§ Work instruction:
From the entries, return every line where the string "origin" shows up.

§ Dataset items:
──────

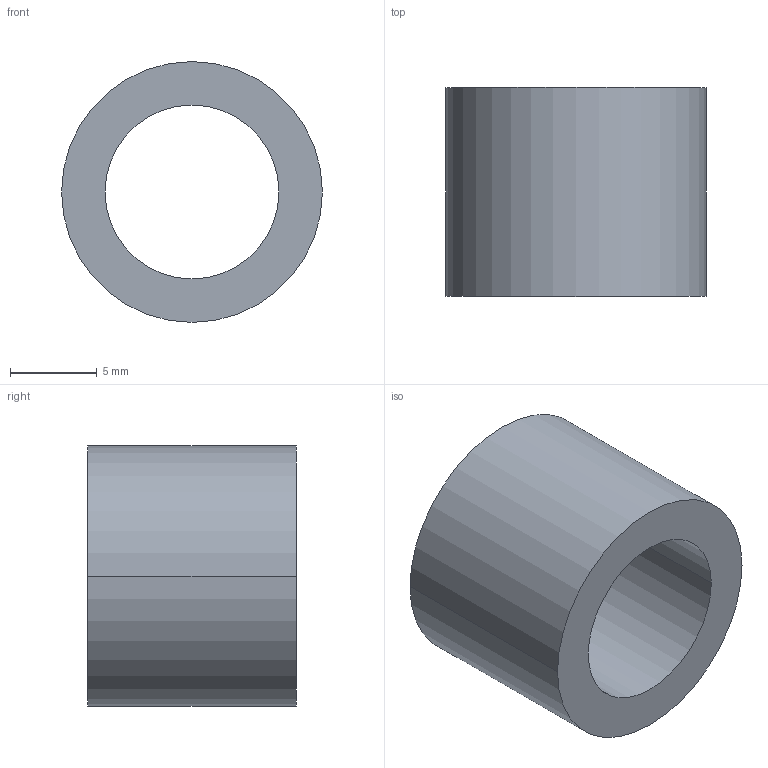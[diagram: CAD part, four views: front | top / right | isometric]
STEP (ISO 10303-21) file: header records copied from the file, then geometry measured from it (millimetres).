
FILE_DESCRIPTION (( 'STEP AP203' ), '1' );
FILE_NAME ('30800.WPP15E10.0.step', '2019-01-23T22:34:00', ( '' ), ( '' ), 'SwSTEP 2.0', 'SolidWorks 2017', '' );
FILE_SCHEMA (( 'CONFIG_CONTROL_DESIGN' ));
Length unit declared in the file: millimetre
Products named in the file (1): 30800.WPP15E10.0
Bounding box: 15 x 12 x 15 mm (x, y, z)
Volume: 1148.7 mm3; surface area: 1113.6 mm2
Topology: 1 solids, 1 shells, 8 faces, 16 edges, 10 vertices
Faces by surface type: cylinder 4, torus 2, plane 2
Entity records: 297 total; most frequent: DIRECTION 46, CARTESIAN_POINT 35, ORIENTED_EDGE 32, AXIS2_PLACEMENT_3D 21, EDGE_CURVE 16, CIRCLE 12, EDGE_LOOP 10, VERTEX_POINT 10
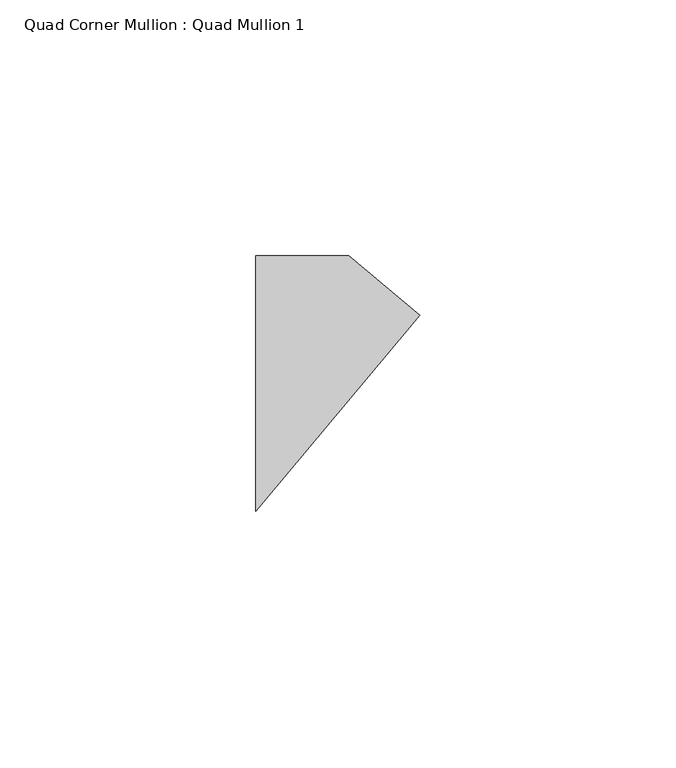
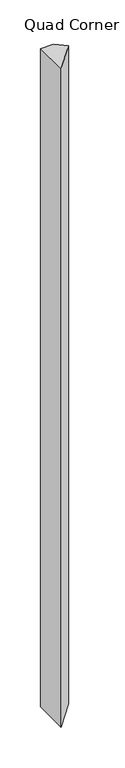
"""IFC4 building model written with IfcOpenShell, lengths in millimetres: member geometry, Quad Corner Mullion : Quad Mullion 1."""

from ifc_helpers import new_model, si_unit, frame, origin, place, context, project, spatial, polyline, outline, extrude, source, transform, mapped, element, save


def quad_corner_mullion_quad_mullion_1_ed44a44e(model_context):
    return source(origin(), model_context, "Body", "SweptSolid", [
        extrude(outline(polyline([(23.0148958, 13.3357545), (-9.08448, -25.0), (-9.08448, 25.0), (9.08448, 25.0), (23.0148958, 13.3357545)])), frame((0.0, 0.0, -980.0), z_axis=(0.0, 0.0, 1.0), x_axis=(1.0, 0.0, 0.0)), (0.0, 0.0, 1.0), 980.0),
    ])


if __name__ == "__main__":
    model = new_model("IFC4")
    model_context = context("Model", 3, world=origin())
    ifc_project = project(units=[si_unit("LENGTHUNIT", "METRE", prefix="MILLI")], contexts=[model_context])
    site = spatial("IfcSite", under=ifc_project)
    building = spatial("IfcBuilding", under=site)
    placement = place(None, origin())
    quad_corner_mullion_quad_mullion_1_shape = quad_corner_mullion_quad_mullion_1_ed44a44e(model_context)
    element("IfcMember", 1, ObjectType="Quad Corner Mullion : Quad Mullion 1", at=placement, inside=building, context=model_context, shape_type="MappedRepresentation", body=[
        mapped(quad_corner_mullion_quad_mullion_1_shape, transform((0.0, 0.0, 0.0), x_axis=(1.0, 0.0, 0.0), y_axis=(0.0, 1.0, 0.0), z_axis=(0.0, 0.0, 1.0))),
    ])
    save(model, "model.ifc")

──────

§ Response area:
from ifc_helpers import new_model, si_unit, frame, origin, place, context, project, spatial, polyline, outline, extrude, source, transform, mapped, element, save
    return source(origin(), model_context, "Body", "SweptSolid", [
    model_context = context("Model", 3, world=origin())
    placement = place(None, origin())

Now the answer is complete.